Firstly, you need to use torch.log10(x**2)
in your f(x)
function, as just “log” function is for natural logarithm, and we’re given “log base 10” in question. And for the same reason I guess, you’ve mistakenly calculated derivative considering natural log of x
squared. I’m leaving the code below with correct derivative.
from d2l import torch as d2l
x = torch.linspace(0.1, 10, 100)
x.requires_grad_(True)
def f(x):
return ((torch.log10(x ** 2)) * torch.sin(x)) + (x ** -1)
y = f(x)
y.backward(torch.ones_like(y))
p = x.grad
d2l.plot(x.detach(), [y.detach(), p], 'x', 'f(x)', legend=['f(x)', 'df/dx'])
z=4
desired_derivative = (2 / (x * torch.log(torch.tensor(10)))) * torch.sin(x) + torch.log10(x**2) * torch.cos(x) - (1/x **2)

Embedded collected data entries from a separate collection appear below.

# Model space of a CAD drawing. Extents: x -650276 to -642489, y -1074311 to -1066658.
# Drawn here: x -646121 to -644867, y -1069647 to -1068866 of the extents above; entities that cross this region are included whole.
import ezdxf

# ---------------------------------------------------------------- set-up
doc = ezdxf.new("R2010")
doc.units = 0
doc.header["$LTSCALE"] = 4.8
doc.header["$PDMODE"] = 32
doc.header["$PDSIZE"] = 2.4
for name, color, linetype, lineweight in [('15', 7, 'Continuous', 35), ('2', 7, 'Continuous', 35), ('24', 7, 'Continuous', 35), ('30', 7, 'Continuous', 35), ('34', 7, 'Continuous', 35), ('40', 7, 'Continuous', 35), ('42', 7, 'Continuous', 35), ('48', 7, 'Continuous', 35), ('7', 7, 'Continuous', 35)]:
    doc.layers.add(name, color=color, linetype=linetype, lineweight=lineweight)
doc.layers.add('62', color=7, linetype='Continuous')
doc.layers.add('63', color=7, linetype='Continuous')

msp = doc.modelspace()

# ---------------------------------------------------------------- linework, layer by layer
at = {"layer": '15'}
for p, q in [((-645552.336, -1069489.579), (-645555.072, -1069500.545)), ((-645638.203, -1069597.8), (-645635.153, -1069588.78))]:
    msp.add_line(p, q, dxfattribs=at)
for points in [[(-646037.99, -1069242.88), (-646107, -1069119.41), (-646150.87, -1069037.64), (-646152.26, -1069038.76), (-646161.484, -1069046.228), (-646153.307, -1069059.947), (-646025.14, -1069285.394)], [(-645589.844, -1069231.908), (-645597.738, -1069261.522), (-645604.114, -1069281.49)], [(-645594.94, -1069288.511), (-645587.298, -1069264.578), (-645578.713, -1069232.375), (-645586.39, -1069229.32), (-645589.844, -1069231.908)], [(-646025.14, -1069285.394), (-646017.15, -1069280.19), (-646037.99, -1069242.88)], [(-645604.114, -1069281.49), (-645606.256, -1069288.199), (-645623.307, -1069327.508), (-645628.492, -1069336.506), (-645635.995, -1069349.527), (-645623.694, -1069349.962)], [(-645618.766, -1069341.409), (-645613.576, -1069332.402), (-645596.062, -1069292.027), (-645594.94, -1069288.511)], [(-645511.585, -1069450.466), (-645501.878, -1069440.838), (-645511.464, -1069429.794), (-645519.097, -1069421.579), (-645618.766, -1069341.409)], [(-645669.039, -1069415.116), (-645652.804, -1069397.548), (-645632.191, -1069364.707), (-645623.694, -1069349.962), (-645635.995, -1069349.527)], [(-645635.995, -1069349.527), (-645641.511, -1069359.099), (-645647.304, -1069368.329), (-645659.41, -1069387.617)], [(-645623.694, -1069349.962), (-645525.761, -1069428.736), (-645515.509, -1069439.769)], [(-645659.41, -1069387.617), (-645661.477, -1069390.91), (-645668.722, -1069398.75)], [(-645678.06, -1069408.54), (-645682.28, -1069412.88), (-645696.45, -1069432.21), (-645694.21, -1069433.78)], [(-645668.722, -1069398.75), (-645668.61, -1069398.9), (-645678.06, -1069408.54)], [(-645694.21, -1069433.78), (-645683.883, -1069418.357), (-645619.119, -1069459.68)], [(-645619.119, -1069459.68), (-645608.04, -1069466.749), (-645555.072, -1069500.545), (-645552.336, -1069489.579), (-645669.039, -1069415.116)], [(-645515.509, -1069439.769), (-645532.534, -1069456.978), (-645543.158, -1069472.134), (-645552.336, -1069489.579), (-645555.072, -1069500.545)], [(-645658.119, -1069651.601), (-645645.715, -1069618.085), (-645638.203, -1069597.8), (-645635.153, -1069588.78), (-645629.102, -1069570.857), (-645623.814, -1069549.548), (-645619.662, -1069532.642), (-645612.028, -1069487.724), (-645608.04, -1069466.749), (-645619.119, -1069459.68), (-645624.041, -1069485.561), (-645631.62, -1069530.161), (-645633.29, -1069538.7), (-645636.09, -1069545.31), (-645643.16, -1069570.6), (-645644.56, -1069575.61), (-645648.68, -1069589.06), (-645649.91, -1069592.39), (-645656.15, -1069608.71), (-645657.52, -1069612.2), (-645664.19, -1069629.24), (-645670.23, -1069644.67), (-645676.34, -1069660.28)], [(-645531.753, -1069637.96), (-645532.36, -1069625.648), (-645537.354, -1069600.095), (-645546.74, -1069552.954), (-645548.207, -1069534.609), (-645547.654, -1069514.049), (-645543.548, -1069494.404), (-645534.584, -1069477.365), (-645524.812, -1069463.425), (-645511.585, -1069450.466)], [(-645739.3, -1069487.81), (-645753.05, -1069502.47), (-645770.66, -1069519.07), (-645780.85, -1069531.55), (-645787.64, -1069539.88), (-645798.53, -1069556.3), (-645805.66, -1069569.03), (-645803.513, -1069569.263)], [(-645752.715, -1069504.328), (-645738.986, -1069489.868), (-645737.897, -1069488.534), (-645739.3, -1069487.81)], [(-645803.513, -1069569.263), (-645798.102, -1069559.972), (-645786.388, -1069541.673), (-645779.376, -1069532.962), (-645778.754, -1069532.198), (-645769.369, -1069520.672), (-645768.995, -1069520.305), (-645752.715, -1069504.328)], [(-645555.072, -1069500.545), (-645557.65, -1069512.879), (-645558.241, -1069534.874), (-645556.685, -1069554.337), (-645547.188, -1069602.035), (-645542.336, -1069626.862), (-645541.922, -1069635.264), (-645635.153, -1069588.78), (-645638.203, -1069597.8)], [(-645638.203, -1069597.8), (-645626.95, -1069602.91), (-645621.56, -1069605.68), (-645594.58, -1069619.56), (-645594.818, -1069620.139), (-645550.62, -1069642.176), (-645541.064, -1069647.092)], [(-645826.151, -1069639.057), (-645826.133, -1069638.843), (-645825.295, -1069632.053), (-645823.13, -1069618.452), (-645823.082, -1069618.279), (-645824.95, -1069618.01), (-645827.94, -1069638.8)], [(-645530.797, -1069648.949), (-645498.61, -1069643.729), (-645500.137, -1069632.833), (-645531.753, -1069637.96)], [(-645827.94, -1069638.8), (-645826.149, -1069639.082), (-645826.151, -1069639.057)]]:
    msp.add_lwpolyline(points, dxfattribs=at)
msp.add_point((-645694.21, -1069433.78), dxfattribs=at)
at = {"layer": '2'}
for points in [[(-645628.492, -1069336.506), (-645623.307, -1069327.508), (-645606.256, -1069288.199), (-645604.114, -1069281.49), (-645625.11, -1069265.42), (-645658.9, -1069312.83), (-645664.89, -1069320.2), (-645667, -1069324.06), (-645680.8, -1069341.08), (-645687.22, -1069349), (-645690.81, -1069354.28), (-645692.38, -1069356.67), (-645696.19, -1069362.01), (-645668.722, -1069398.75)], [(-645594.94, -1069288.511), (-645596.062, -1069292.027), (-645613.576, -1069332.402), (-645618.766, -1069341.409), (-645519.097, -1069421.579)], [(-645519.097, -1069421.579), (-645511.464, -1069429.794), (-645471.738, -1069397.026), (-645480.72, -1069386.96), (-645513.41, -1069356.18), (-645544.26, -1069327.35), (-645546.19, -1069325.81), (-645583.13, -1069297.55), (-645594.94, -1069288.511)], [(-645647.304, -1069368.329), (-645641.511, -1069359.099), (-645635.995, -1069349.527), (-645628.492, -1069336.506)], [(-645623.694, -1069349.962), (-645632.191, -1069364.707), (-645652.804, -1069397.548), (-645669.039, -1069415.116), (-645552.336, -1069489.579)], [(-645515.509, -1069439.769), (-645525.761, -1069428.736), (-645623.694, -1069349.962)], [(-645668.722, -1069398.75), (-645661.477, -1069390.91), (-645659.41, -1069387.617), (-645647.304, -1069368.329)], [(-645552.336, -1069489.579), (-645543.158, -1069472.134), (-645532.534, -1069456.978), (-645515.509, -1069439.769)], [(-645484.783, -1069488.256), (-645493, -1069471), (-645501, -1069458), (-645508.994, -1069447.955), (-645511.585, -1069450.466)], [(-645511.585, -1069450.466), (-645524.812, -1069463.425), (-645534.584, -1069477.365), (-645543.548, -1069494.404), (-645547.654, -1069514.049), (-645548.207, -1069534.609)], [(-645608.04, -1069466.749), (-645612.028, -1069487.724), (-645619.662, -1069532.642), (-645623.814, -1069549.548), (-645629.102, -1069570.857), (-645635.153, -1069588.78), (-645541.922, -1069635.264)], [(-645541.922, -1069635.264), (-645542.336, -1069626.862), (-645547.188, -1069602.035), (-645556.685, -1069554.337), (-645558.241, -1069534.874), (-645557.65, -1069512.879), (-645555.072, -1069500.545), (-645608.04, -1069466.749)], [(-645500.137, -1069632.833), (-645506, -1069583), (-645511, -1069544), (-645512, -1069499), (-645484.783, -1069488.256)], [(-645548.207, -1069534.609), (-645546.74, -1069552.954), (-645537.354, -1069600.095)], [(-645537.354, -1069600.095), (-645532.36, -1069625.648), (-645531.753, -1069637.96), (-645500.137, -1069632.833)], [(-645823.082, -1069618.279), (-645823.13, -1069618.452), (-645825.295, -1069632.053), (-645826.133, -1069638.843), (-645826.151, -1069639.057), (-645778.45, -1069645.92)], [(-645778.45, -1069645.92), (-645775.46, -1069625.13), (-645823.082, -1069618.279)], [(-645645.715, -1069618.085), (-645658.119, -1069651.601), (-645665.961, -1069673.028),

print(f"{(p[z]-desired_derivative[z]).detach().numpy():.18f}")
p == desired_derivative, p[z], desired_derivative[z], p[z] == desired_derivative[z]
You might get some “False” values when comparing AD and desired derivative results, but those are just because of unreliable floating point math of computers.